Выбрать главу

На пороге двадцатого века этот мотив прозвучал в теологии В. В. Розанова. Наша земля сияет из каждой маленькой хижины, в каждом вновь родившемся «я», в каждой искорке, — писал он, — и вся земля сияет блеском, которого все же не хватает до неба, но зато есть земли собственное свое сияние{101}.

Аскетические черты, характерные для православной традиции, были обусловлены не отвращением от плоти, а представлением о Божьей Правде и стремлением преодолеть эмпирическую действительность, освободив ее от неправды. Не уход от земного, но его преображение — так можно определить сущность аскетической традиции на Руси. Конечно, эмпирическая реальность могла представлять собой зло, однако, будучи способна к преображению, она потенциально несла в себе в себе Божественное начало{102}.

Даже беглое сопоставление онтологического реализма классической русской литературы, к примеру, с французским натурализмом демонстрирует почти религиозную теплоту первого, какими бы «светскими» ни выглядели его сюжеты. Еще в восемнадцатом веке великий украинский мистик Г. С. Сковорода (1722–1794) предвосхитил путь позднейшей русской литературы: «Мир сей являет вид благолепный. Но нем таится червь неусыпный… горе ти мире! Смех мне являеш. Внутрь оке душою тайно рыдаеш…»{103}.

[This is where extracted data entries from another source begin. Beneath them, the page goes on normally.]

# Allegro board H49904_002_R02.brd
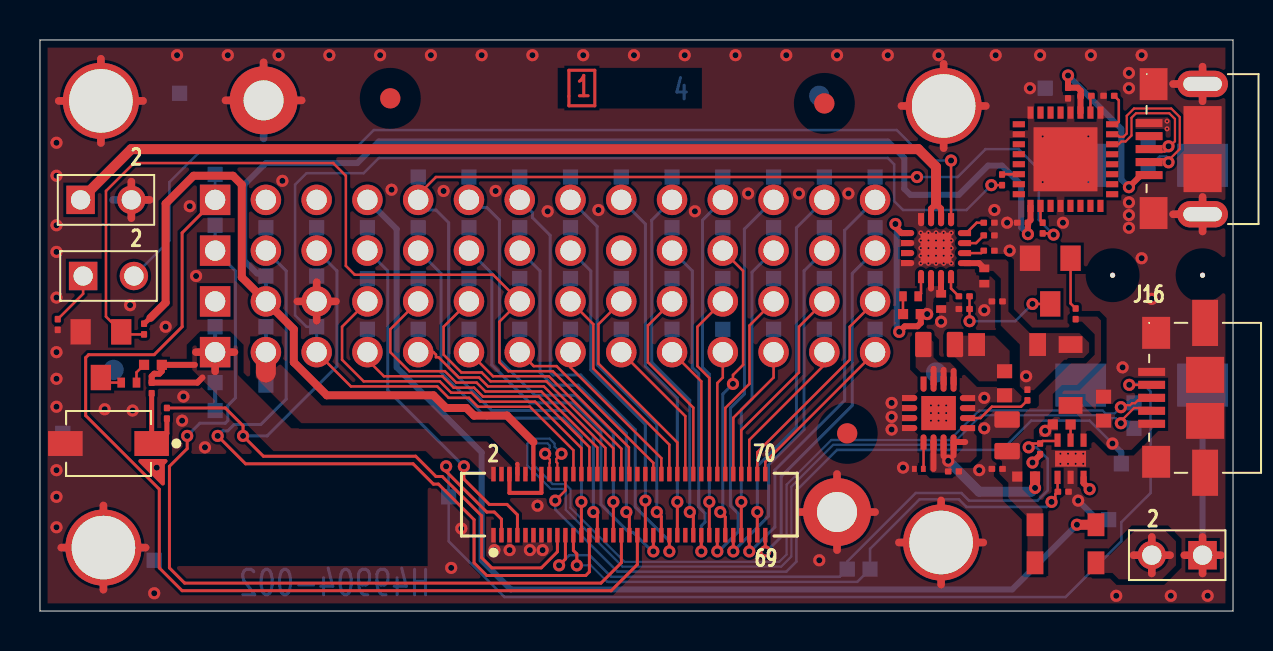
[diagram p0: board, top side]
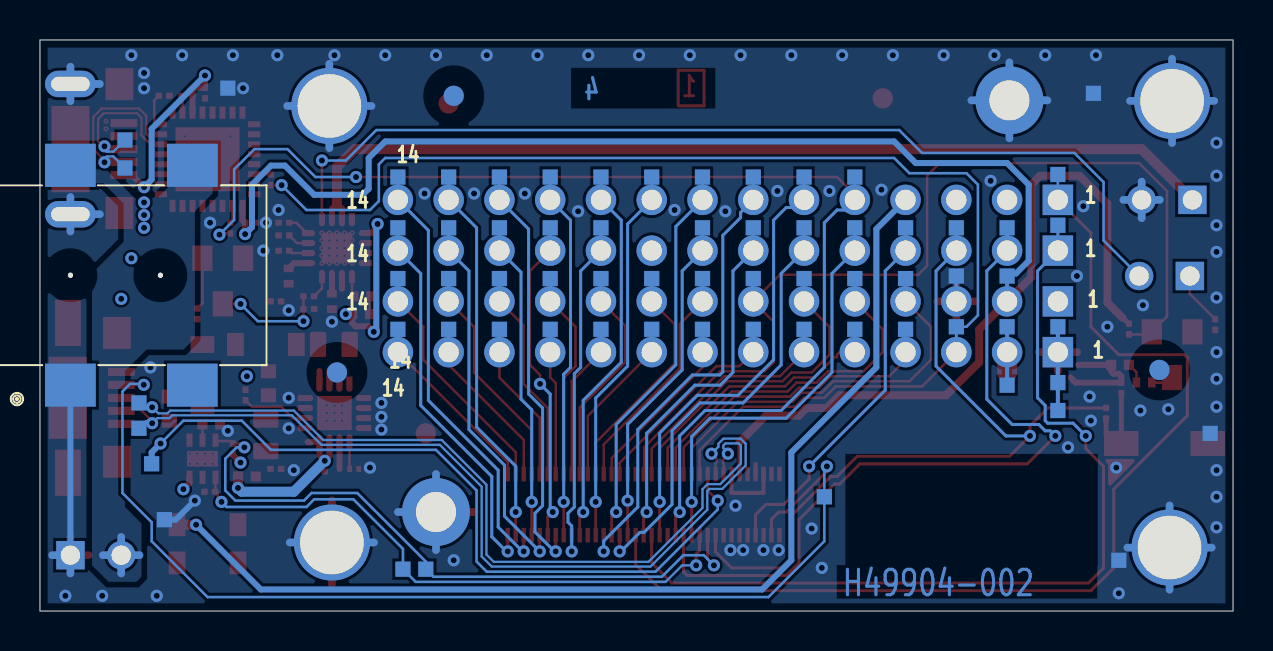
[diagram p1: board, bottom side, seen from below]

Outline 59.69 x 28.57 mm; copper layers: TOP, PWR_GND, GND, BOTTOM. Coordinates in mm from the lower left corner of the outline.
Outline path: 0,28.57 0,0 59.69,0 59.69,28.57 0,28.57

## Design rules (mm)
constraint set DEFAULT: min track width 0.127
net group USB_D: nets USB_DN USB_DP
net group USBD: nets N11374 N11378
net group PWR_GND: nets 5V VBUS_2 VIN

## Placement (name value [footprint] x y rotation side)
C1  22UF  [SMC0603_HI_VALUE]  48.26 12 0 top
C3  0.1uF  [C0201]  45.97 6.99 270 top
C4  33000pF  [SMC0201]  44.2 7.11 270 top
C5  10uF  [SMC0402]  45.09 15.88 0 top
C6  0.1uF  [C0201]  47.62 15.49 90 top
C8  10uF  [SMC0402]  47.24 17.14 0 top
C9  0.1uF  [C0201]  51.44 25.65 180 top
C10  0.1uF  [C0201]  48.9 19.43 90 top
C36  2.2uF  [SMC0603_HI_VALUE]  53.21 9.53 180 top
C47  10uF  [SMC0805]  48.39 8 180 top
C48  0.1uF  [C0201]  53.21 25.78 90 top
CR1  RB160M-40  [SOD123_67X106]  51.56 13.34 0 top
CR2  D2BW319000  [SCR_27X17MA]  48.39 13.34 270 top
CR6  D2BW319000  [SCR_27X17MA]  51.31 4.32 90 top
CR7  D2BW319000  [SCR_27X17MA]  51.31 2.41 90 top
DS1  GREEN  [SMLED0402]  4.06 11.43 90 top
DS3  GREEN  [SMLED0402]  43.94 15.75 270 top
J1  CON2_HDR  [102276-001]  2.16 16.76 90 top
J2  CON2_HDR  [102276-001]  2.03 20.57 90 top
J3  G58911-001  [RCPT_USB_5P_DIP_SM]  58.17 23.11 90 top
J7  70Pin BTB  Socket HIROSE DF40  [2X35_P4MM_BTB_AXT_SKT_MB]  22.69 3.8 0 top
J16  E77884-001  [RCPT_USB_5P_6MTG_SM]  58.29 10.67 90 top
J17  1x14  [1X14RCPT_2P54_VT_TH]  6.22 20.57 0 top
J18  1x14  [1X14RCPT_2P54_VT_TH]  6.22 18.03 0 top
J19  1x14  [1X14RCPT_2P54_VT_TH]  6.22 15.49 0 top
J20  1x14  [1X14RCPT_2P54_VT_TH]  6.22 12.95 0 top
J21  CON2_HDR  [102276-001]  58.17 2.79 270 top
J22  DC_JACK_SMT  [DC_PWR_JACK_SM_14P8X9MM]  58.17 11.3 90 bottom
L1  1uH  [SML0805]  44.2 13.34 90 top
MGT5  NPTH125  [SYMBOL_NPTH125]  45.09 3.43 0 top
MTG1  -  [NPIN787]  11.19 25.55 0 top
MTG2  -  [NPIN787]  39.88 4.95 0 top
MTG3  NPTH125  [SYMBOL_NPTH125]  3.05 25.53 0 top
MTG4  NPTH125  [SYMBOL_NPTH125]  45.21 25.27 0 top
MTG6  NPTH125  [SYMBOL_NPTH125]  3.17 3.17 0 top
NOREF  -  [unnamed]  39.24 25.4 0 top
NOREF#2  -  [#2]  0 27.75 0 top
NOREF#3  -  [#2]  3.17 3.17 0 top
NOREF#4  -  [unnamed]  40.39 8.89 0 top
NOREF#5  -  [#2]  1.73 0 90 top
NOREF#6  -  [unnamed]  17.53 25.65 0 top
NOREF#7  -  [#2]  3.17 3.17 0 top
NOREF#8  -  [unnamed]  38.99 25.78 180 bottom
NOREF#9  -  [unnamed]  3.68 12.06 180 bottom
NOREF#10  -  [unnamed]  44.83 11.94 180 bottom
Q2  BSS138  [SOT23]  51.56 17.65 270 top
Q8  BSS138  [SOT23]  4.06 13.97 270 top
R2  0R  [R0201]  49.4 10.54 180 top
R4  1K  [R0201]  51.82 14.61 180 top
R5  1.62K  [R0201]  46.51 15.75 270 top
R6  1.62K  [R0201]  45.97 15.11 90 top
R7  0R  [R0201]  48.13 21.84 0 top
R8  0R  [R0201]  52.07 25.78 90 top
R9  0R  [R0201]  50.16 19.43 0 top
R36  10K  [SMR0201]  50.04 8.38 0 top
R37  100K  [SMR0201]  50.93 5.97 90 top
R38  576  [SMR0402]  51.56 9.33 270 top
R39  4.7K  [SMR0201]  47.75 19.43 270 top
R48  10K  [SMR0201]  5.59 11.43 0 top
R49  220  [SMR0201]  6.35 10.16 0 top
R72  2K  [SMR0201]  47.75 18.8 270 top
R85  10K  [SMR0201]  5.21 13.84 180 top
R86  576  [SMR0402]  5.21 12.32 90 top
R111  47K  [SMR0201]  47.75 18.03 270 top
R114  576  [SMR0402]  43.18 14.86 90 top
R115  100mOhm  [SMR0402]  48.9 6.73 90 top
R116  10K  [SMR0201]  0.89 14.61 0 top
R117  10K  [SMR0201]  47.62 7.11 90 top
SW1  LIGHT TOUCH SWITCH EVQP7J01P  [SSW2RPB]  3.43 8.38 270 top
TP1  30 MIL TESTPAD  [TP30S]  8.76 11.43 180 bottom
TP2  30 MIL TESTPAD  [TP30S]  50.29 26.16 180 bottom
TP3  30 MIL TESTPAD  [TP30S]  8.76 14.22 180 bottom
TP4  30 MIL TESTPAD  [TP30S]  20.45 5.71 180 bottom
TP5  30 MIL TESTPAD  [TP30S]  8.76 10.03 180 bottom
TP6  30 MIL TESTPAD  [TP30S]  1.14 8.89 180 bottom
TP7  30 MIL TESTPAD  [TP30S]  11.3 11.3 180 bottom
TP8  30 MIL TESTPAD  [TP30S]  16.38 19.18 180 bottom
TP9  30 MIL TESTPAD  [TP30S]  11.3 14.22 180 bottom
TP10  30 MIL TESTPAD  [TP30S]  5.71 2.54 180 bottom
TP11  30 MIL TESTPAD  [TP30S]  11.3 16.76 180 bottom
TP12  30 MIL TESTPAD  [TP30S]  6.99 25.91 180 bottom
TP13  30 MIL TESTPAD  [TP30S]  53.47 4.57 180 bottom
TP14  30 MIL TESTPAD  [TP30S]  54.74 10.41 180 bottom
TP15  30 MIL TESTPAD  [TP30S]  13.84 16.76 180 bottom
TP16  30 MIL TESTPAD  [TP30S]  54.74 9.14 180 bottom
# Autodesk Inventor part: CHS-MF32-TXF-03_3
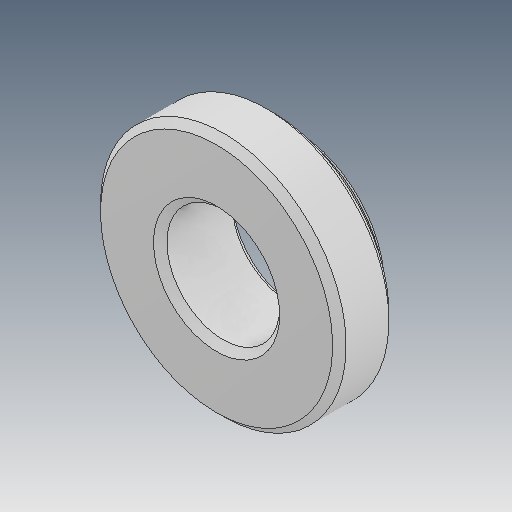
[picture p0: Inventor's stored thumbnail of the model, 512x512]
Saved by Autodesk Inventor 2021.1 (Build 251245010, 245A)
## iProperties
Created: 2021-05
Part Number: CHS-MF32-TXF-03_3
Material: Ogólny
Document SubType Name: Modeling
Designer: user
Density: 1 g/cm^3
Appearance: Domyślna
Author: user
Revision Number: ÈÎºÎ
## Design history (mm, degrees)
feature "ÊäÈë1"
node "Bryła1"

Согласно русской традиции, преображение в конечном итоге представляло собой воскресение, как о нем говорится, в частности, в Апокалипсисе. Гоголь задавался вопросом: почему в одной лишь России Светлое Воскресенье «празднуется так, как ему следует праздноваться?» И утверждал: «Праздник Светлого Воскресенья воспразднуется, как следует, прежде у нас, чем у других народов!»{104} Его «Мертвые души» должны были воскреснуть нравственно. Это чаяние продолжается затем у Толстого («Воскресенье») и у Достоевского («Преступление и наказание» — Раскольников верит в Новый Иерусалим, как бы в новое небо над новой землей).

Идея теургии и преображения земного образует важный элемент русского хилиазма от самых его истоков. Уже мысль о Москве как Третьем Риме выражала стремление к преобразованию временного земного царства в царство Божие{105}.

В. В. Розанов писал незадолго до революции 1905 года, что на Западе христианство существует отдельно от мира и является библейским по духу, тогда как в России оно уже стало евангельским: «Этот дух церкви, еще библейский на Западе, уже евангельский на Востоке, наложил печать свою и на народные характеры…»{106}.

Согласно Розанову, глубины этого евангельского христианства еще не открыты; на Западе эта проблема даже не осознана; однако именно в ее решении и состоит миссия русского духа. Василий Зеньковский подтверждал, что космизм Розанова был заимствован им из живой православной традиции{107}.

Д. С. Мережковский писал в 1911 году, что до сих пор как на Востоке, так и на Западе открыта лишь часть христианской истины. Полное же Откровение должно быть возвещено лишь в конце истории, который будет ознаменован не только нисхождением неба на землю, но также восхождение земли к небу{108}. Чрезвычайно характерными для русской религиозности считал эти мотивы и Бердяев{109}. Л. П. Карсавин, богослов скорее консервативного направления, разъяснял: «Мы не постулируем существование другого мира, который время от времени вторгается в мир эмпирический… Но мы не приходим и к тому, что наш эмпирический мир являлся бы всего лишь необходимым (sic!)… наш мир — это и есть мир, — тот, который посредством чуда становится Божественным»{110}.

Все, что обладает реальностью, оказывается — потенциально! — сверхэмпирическим и божественным{111}. Об этом говорил еще Достоевский: «Во всем тайна Божия. В каждом древе, в каждой былинке эта самая тайна. Птичка ли малая поет, али звезды всем сонмом в небе блещут в ночи — все одна эта тайна»{112}.